Interestingly, it has been suggested that ECM modification provides protection against chemotherapy-induced apoptosis and may play a role in the failure of cancer therapy [49]. Since the decrease (in terms of degradation) of ECM related proteins could be a marker of drug response we analyzed in this study patients that were treated with chemotherapy before surgery. Although our results are preliminary due to the low number of cases analyzed we report slightly decreased levels of SPARC protein in these patients indicating that beside a diagnostic marker SPARC may represent a marker of treatment response. Future longitudinal studies are however needed before firm conclusions can be drawn.

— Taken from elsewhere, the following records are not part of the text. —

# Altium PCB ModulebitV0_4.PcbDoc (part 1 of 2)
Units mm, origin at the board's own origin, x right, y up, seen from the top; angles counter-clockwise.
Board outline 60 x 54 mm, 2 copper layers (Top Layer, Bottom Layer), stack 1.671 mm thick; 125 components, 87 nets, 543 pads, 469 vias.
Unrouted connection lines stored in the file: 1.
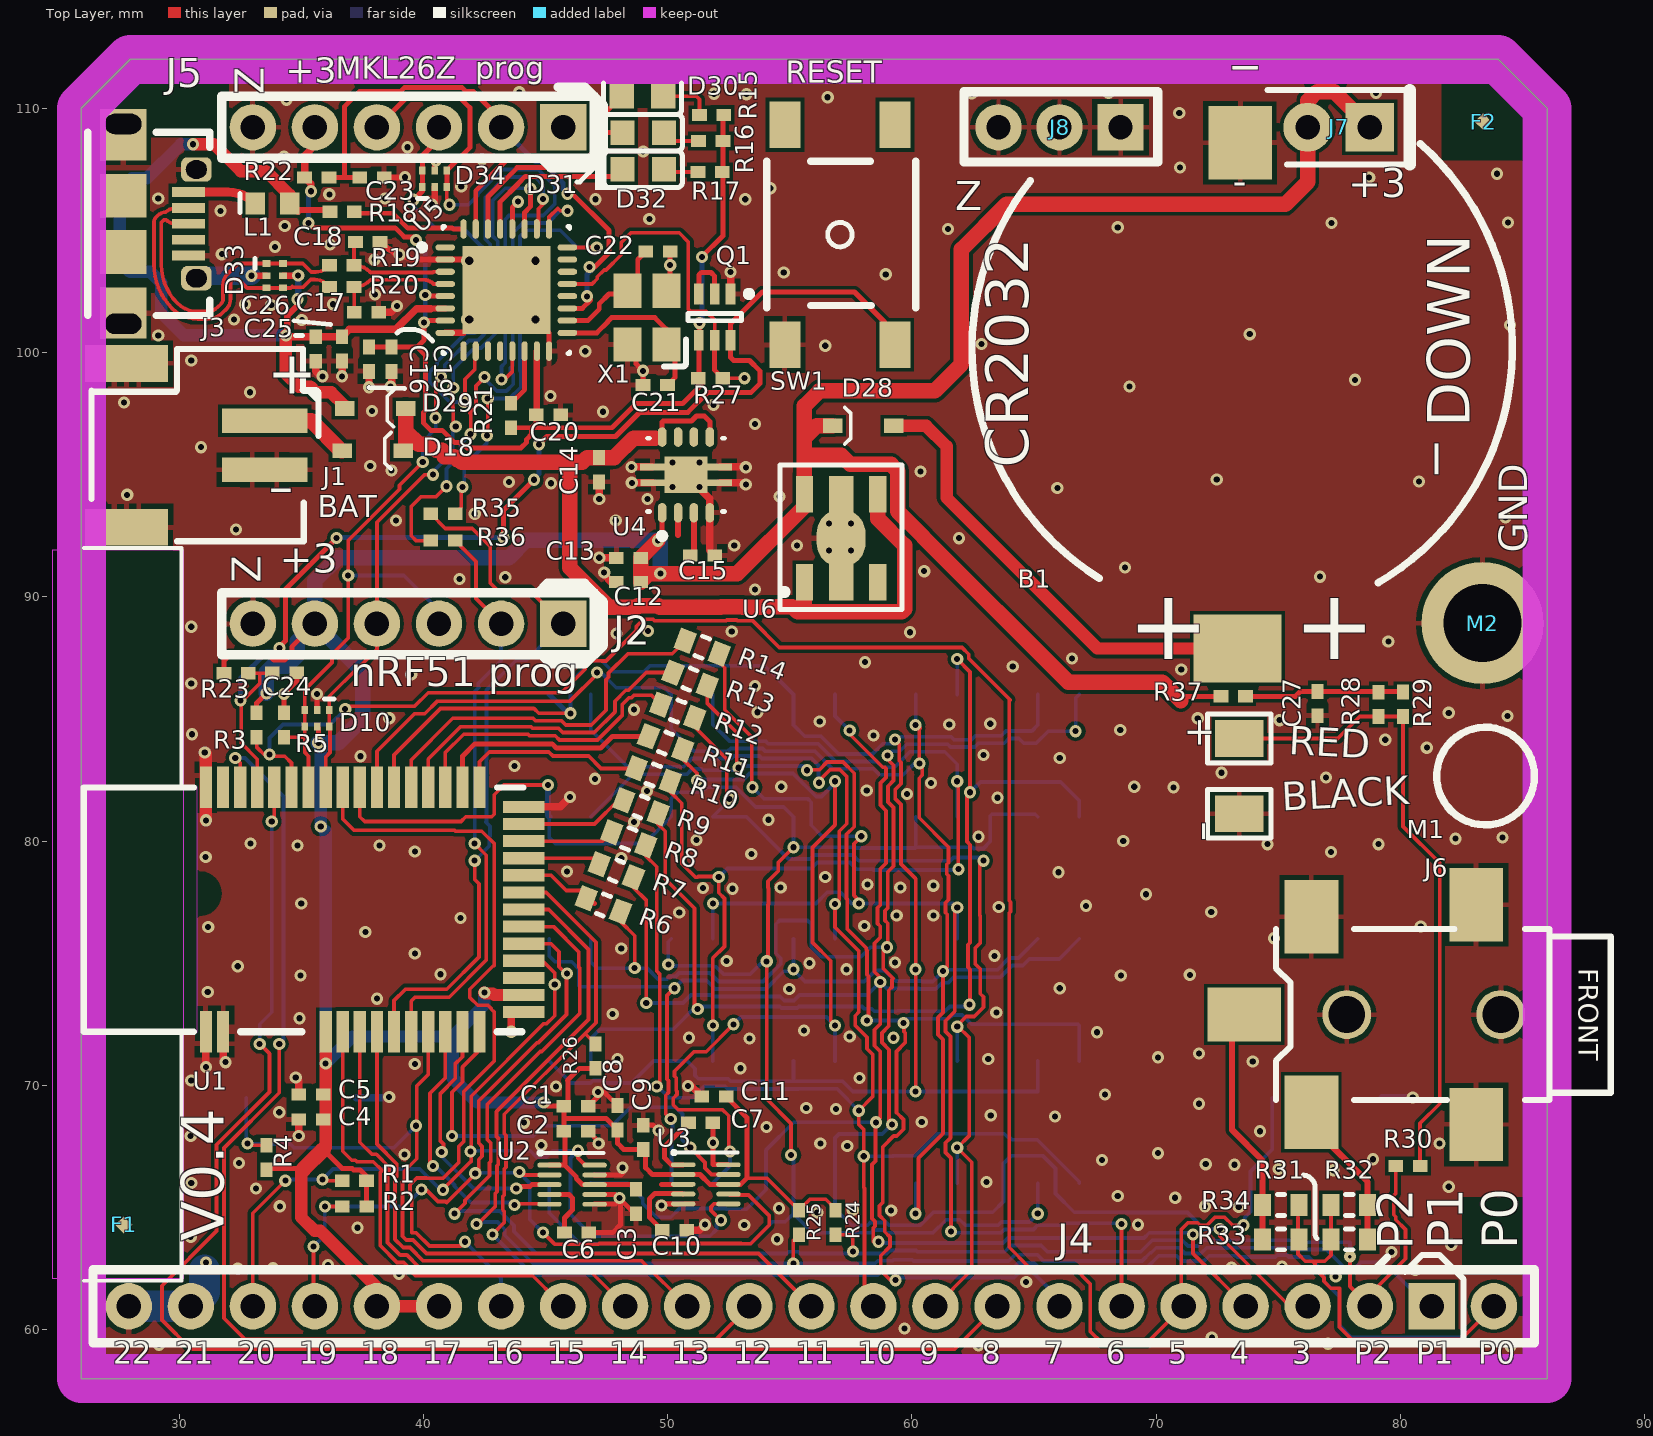
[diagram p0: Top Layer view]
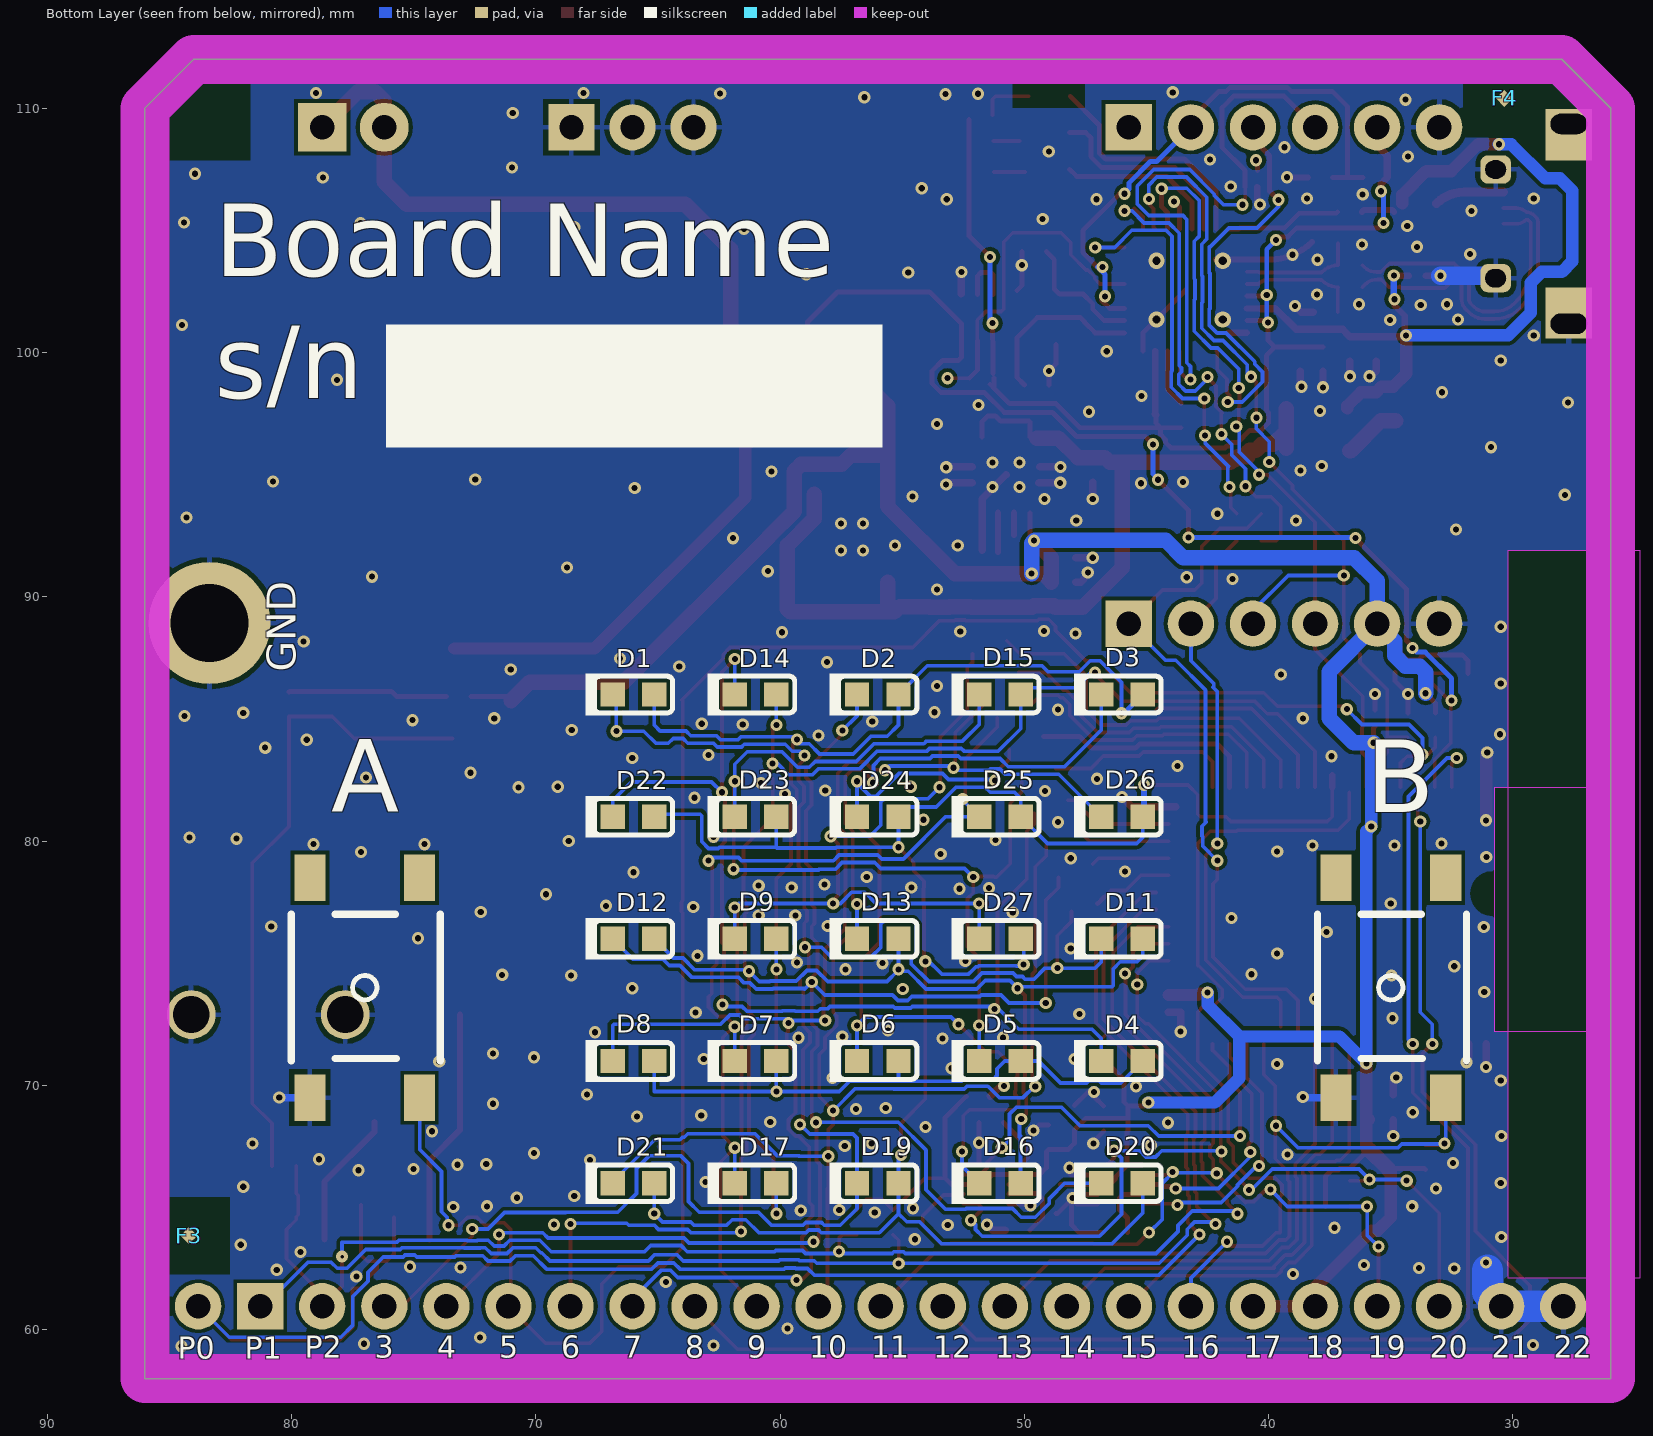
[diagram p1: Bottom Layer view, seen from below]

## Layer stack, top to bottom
Top Solder: solder mask 0.0102, Solder Resist, Dk 3.5
Top Layer: signal copper 0.0356
Dielectric 1: dielectric 1.6, FR-4, Dk 4.8
Bottom Layer: signal copper 0.0356
Bottom Solder: solder mask 0.0102, Solder Resist, Dk 3.5

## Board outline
26,58 86,58 86,110 84,112 28,112 26,110

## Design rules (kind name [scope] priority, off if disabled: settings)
Clearance Clearance_keepout [All vs (OnLayer('Keep-Out Layer'))] p1: gap=0.01
Clearance [All] p2: gap=0.152
DiffPairsRouting [All] p1: maxlimit=0.203 minlimit=0.152 mostfreqgap=0.152 toplayer_minwidth=0.152 toplayer_maxwidth=0.152 toplayer_prefwidth=0.152 bottomlayer_minwidth=0.152 bottomlayer_maxwidth=0.152 bottomlayer_prefwidth=0.152 maxuncoupledlength=12.7
MinimumAnnularRing [All] p1: minimumring=0.152
MinimumSolderMaskSliver [All] p1: minsoldermaskwidth=0.127
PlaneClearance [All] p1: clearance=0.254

In conclusion, this is the first study to test circulating biomarkers related to ECM remodeling as possible diagnostic tools for lung cancer patients. SPARC emerged as the most promising biomarker, but it is possible that other genes identified in the comparative expression analysis of lung fibroblasts could be also useful for diagnostic purpose, either alone or in combination. It is now apparent, in fact, that panels of protein-based and nucleic acids-based cancer biomarkers, as opposed to single biomarkers, will probably be necessary for reliable cancer detection, especially to improve selection of high-risk individuals for CT screening and to distinguish malignant from benign nodules or identify patients with particularly aggressive cancers. Since the classical ELISA method that we used in our study suffer limitations in analysis time, sample size, equipment cost, and is not easily scalable to measure panels of proteins, new bioanalytical technologies should be developed to realize the full potential of protein biomarkers in the clinical setting. Our work represents an explorative study to verify whether proteins derived from ECM could be measured in plasma of lung cancer patients and their utility as circulating biomarkers and provides proof-of-concept on the feasibility and potential of this approach. Additionally, our study supports the concept that stroma-related plasma biomarkers may better fit as early diagnostic biomarkers than those strictly tumor-related. However, large prospective clinical studies are clearly warranted to confirm our preliminary results and further explore the existing potential of ECM-related circulating proteins.

Conclusions

In conclusion, we show here that circulating extracellular matrix related protein could be used as potential biomarkers for early diagnosis of lung cancer. In particular, SPARC emerged as the most promising biomarker representing an indicator of the disease at its earlier phases. Interestingly also COL10A expression showed remarkable significant difference between controls and lung cancer patients thus constituting a potential diagnostic candidate. However, subgroup analyses showed that this finding was restricted to the female group. Our study also highlighted the inadequacy of COL11A1 protein as potential indicator of pathological features. Taken together, our findings sustain the hypothesis that stroma-related plasma biomarkers could represent promising early diagnostic biomarkers related to interactions between incipient tumors and the surrounding microenvironment.